With the pictures excluded, reproduce all of the data exactly.
Records to use below:
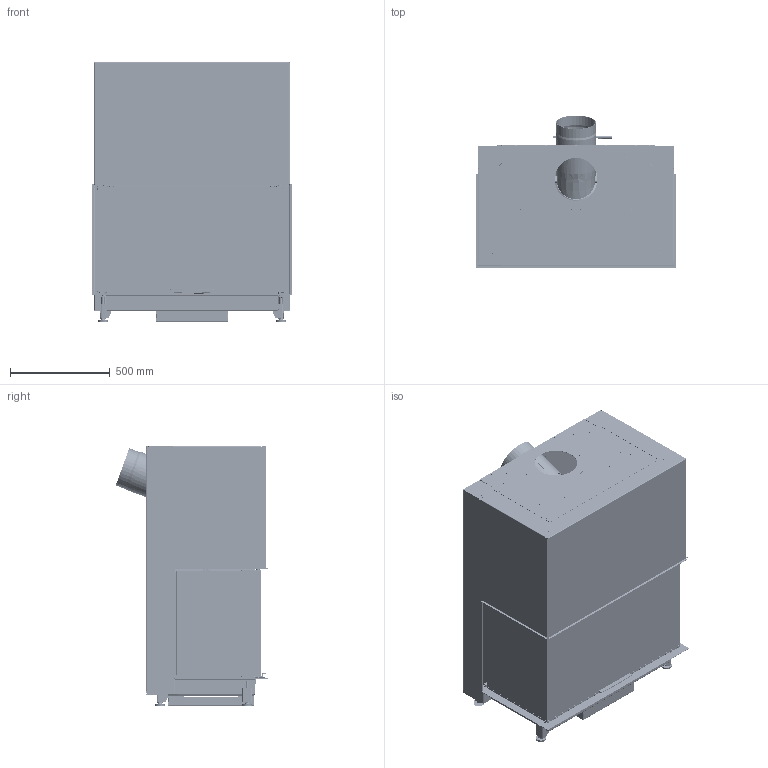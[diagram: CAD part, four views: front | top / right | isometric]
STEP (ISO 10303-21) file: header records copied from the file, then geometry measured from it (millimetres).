
FILE_DESCRIPTION(/* description */ (''),/* implementation_level */ '2;1');
FILE_NAME(/* name */ 'C:\ADSK_DM_WS\CAD_3D\03 Geraete\RIII 55x100x46\Zeichnungen\RIII 55x100x46 Gen.2 mit Mantel Abgang hinten CAD Planung defriten 2021-03214 211124.stp',/* time_stamp */ '2021-11-24T13:12:38+01:00',/* author */ ('CPI'),/* organization */ (''),/* preprocessor_version */ 'ST-DEVELOPER v18.1',/* originating_system */ 'Autodesk Inventor 2022',/* authorisation */ '');
FILE_SCHEMA (('AUTOMOTIVE_DESIGN { 1 0 10303 214 3 1 1 }'));
Products named in the file (9): 2021-03214; 2021-03201; 2021-03207; 2021-03205; 2021-03203; 2021-03069; 2021-03071; 2018-00985; 2021-03211
Assembly tree (8 placements, depth 2):
  2021-03214
    2021-03201
    2021-03207
    2021-03205
    2021-03203
    2021-03069
    2021-03071
    2018-00985
    2021-03211
Bounding box: 1000 x 762.77 x 1299 mm (x, y, z)
Volume: 41204936.3 mm3; surface area: 22668723.6 mm2
Topology: 15 solids, 30 shells, 9635 faces, 26899 edges, 17055 vertices
Faces by surface type: plane 5520, cylinder 3662, bspline 298, cone 97, torus 57, sphere 1
Full cylindrical faces by diameter (mm): 3.242 x6, 4.8 x1, 6 x3, 7 x11, 7.9 x2, 8 x8, 10 x10, 10.21 x4, 12 x4, 16 x10, 20 x4, 30 x4, 163 x1, 194 x1, 198 x1, 200 x1, 204 x1, 333 x1, 339 x1
Entity records: 328609 total; most frequent: CARTESIAN_POINT 71216, ORIENTED_EDGE 53732, DIRECTION 52724, EDGE_CURVE 26923, AXIS2_PLACEMENT_3D 17577, LINE 17570, VECTOR 17570, VERTEX_POINT 17051
End of Records to use.
— Completed exercise —
[diagram: CAD part, four views: front | top / right | isometric]
STEP (ISO 10303-21) file: header records copied from the file, then geometry measured from it (millimetres).
FILE_DESCRIPTION(/* description */ (''),/* implementation_level */ '2;1');
FILE_NAME(/* name */ 'C:\ADSK_DM_WS\CAD_3D\03 Geraete\RIII 55x100x46\Zeichnungen\RIII 55x100x46 Gen.2 mit Mantel Abgang hinten CAD Planung defriten 2021-03214 211124.stp',/* time_stamp */ '2021-11-24T13:12:38+01:00',/* author */ ('CPI'),/* organization */ (''),/* preprocessor_version */ 'ST-DEVELOPER v18.1',/* originating_system */ 'Autodesk Inventor 2022',/* authorisation */ '');
FILE_SCHEMA (('AUTOMOTIVE_DESIGN { 1 0 10303 214 3 1 1 }'));
Products named in the file (9): 2021-03214; 2021-03201; 2021-03207; 2021-03205; 2021-03203; 2021-03069; 2021-03071; 2018-00985; 2021-03211
Assembly tree (8 placements, depth 2):
  2021-03214
    2021-03201
    2021-03207
    2021-03205
    2021-03203
    2021-03069
    2021-03071
    2018-00985
    2021-03211
Bounding box: 1000 x 762.77 x 1299 mm (x, y, z)
Volume: 41204936.3 mm3; surface area: 22668723.6 mm2
Topology: 15 solids, 30 shells, 9635 faces, 26899 edges, 17055 vertices
Faces by surface type: plane 5520, cylinder 3662, bspline 298, cone 97, torus 57, sphere 1
Full cylindrical faces by diameter (mm): 3.242 x6, 4.8 x1, 6 x3, 7 x11, 7.9 x2, 8 x8, 10 x10, 10.21 x4, 12 x4, 16 x10, 20 x4, 30 x4, 163 x1, 194 x1, 198 x1, 200 x1, 204 x1, 333 x1, 339 x1
Entity records: 328609 total; most frequent: CARTESIAN_POINT 71216, ORIENTED_EDGE 53732, DIRECTION 52724, EDGE_CURVE 26923, AXIS2_PLACEMENT_3D 17577, LINE 17570, VECTOR 17570, VERTEX_POINT 17051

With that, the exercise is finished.